#### [Work task]
Write out each record below exactly as it appears, with no pictures.

#### [Material for this task]
Start of Block

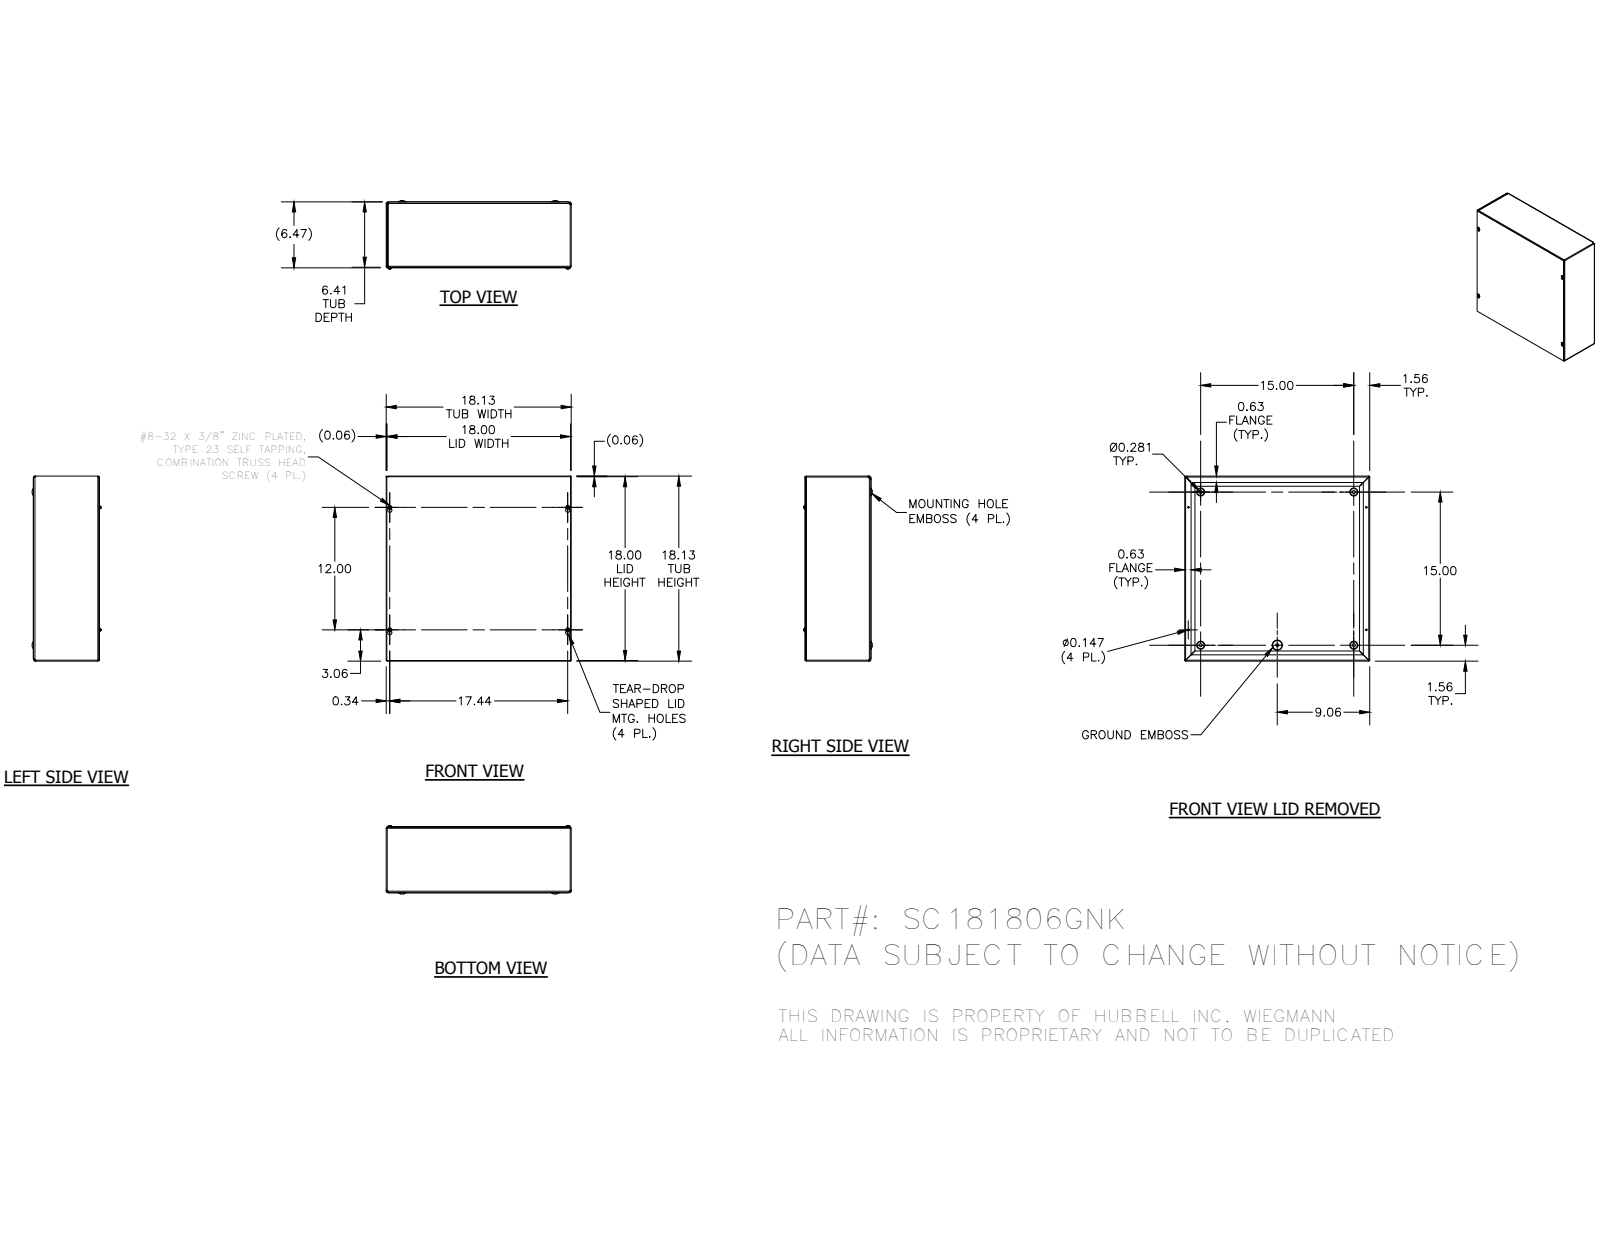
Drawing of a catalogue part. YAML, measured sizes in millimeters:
part_name: "SC1818GNKBKP; SC181806GNKWRA; SC1818GNKLID; 34056 (+1 more)"
step_written_by: "Autodesk Inventor 2014 (AUTOMOTIVE_DESIGN)"
units: millimeters
bodies: {solids: 7, faces: 358, planar: 133, cylindrical: 73, other: 152}
overall_size: [460.38, 460.38, 170]
volume: 1221000
surface_area: 1560000
round_holes:
  - {diameter: 3.73, count: 4}
  - {diameter: 7.62, count: 4}
  - {diameter: 4.19, count: 1}
round_bosses_or_shafts:
  - {diameter: 9.75, count: 4}
  - {diameter: 4.17, count: 4}
  - {diameter: 5.8, count: 1}
partial_cylinders:
  - {radius: 0.79, count: 8}
  - {radius: 2.37, count: 8}
  - {radius: 1.4, count: 4}
  - {radius: 1.57, count: 4}
  - {radius: 2.38, count: 4}
  - {radius: 2.97, count: 4}
  - {radius: 3.15, count: 4}
  - {radius: 3.17, count: 4}
face_to_face_distances: [1.57, 161.12, 458.8, 162.69, 1.59, 162.71, 164.28, 457.23, 1.58, 460.38]
hole_center_spacings: [381, 190.5, 304.8, 344.27, 344.31, 413.71, 413.72, 425.97]

End of Block

#### [Answer area]
Drawing of a catalogue part. YAML, measured sizes in millimeters:
part_name: "SC1818GNKBKP; SC181806GNKWRA; SC1818GNKLID; 34056 (+1 more)"
step_written_by: "Autodesk Inventor 2014 (AUTOMOTIVE_DESIGN)"
units: millimeters
bodies: {solids: 7, faces: 358, planar: 133, cylindrical: 73, other: 152}
overall_size: [460.38, 460.38, 170]
volume: 1221000
surface_area: 1560000
round_holes:
  - {diameter: 3.73, count: 4}
  - {diameter: 7.62, count: 4}
  - {diameter: 4.19, count: 1}
round_bosses_or_shafts:
  - {diameter: 9.75, count: 4}
  - {diameter: 4.17, count: 4}
  - {diameter: 5.8, count: 1}
partial_cylinders:
  - {radius: 0.79, count: 8}
  - {radius: 2.37, count: 8}
  - {radius: 1.4, count: 4}
  - {radius: 1.57, count: 4}
  - {radius: 2.38, count: 4}
  - {radius: 2.97, count: 4}
  - {radius: 3.15, count: 4}
  - {radius: 3.17, count: 4}
face_to_face_distances: [1.57, 161.12, 458.8, 162.69, 1.59, 162.71, 164.28, 457.23, 1.58, 460.38]
hole_center_spacings: [381, 190.5, 304.8, 344.27, 344.31, 413.71, 413.72, 425.97]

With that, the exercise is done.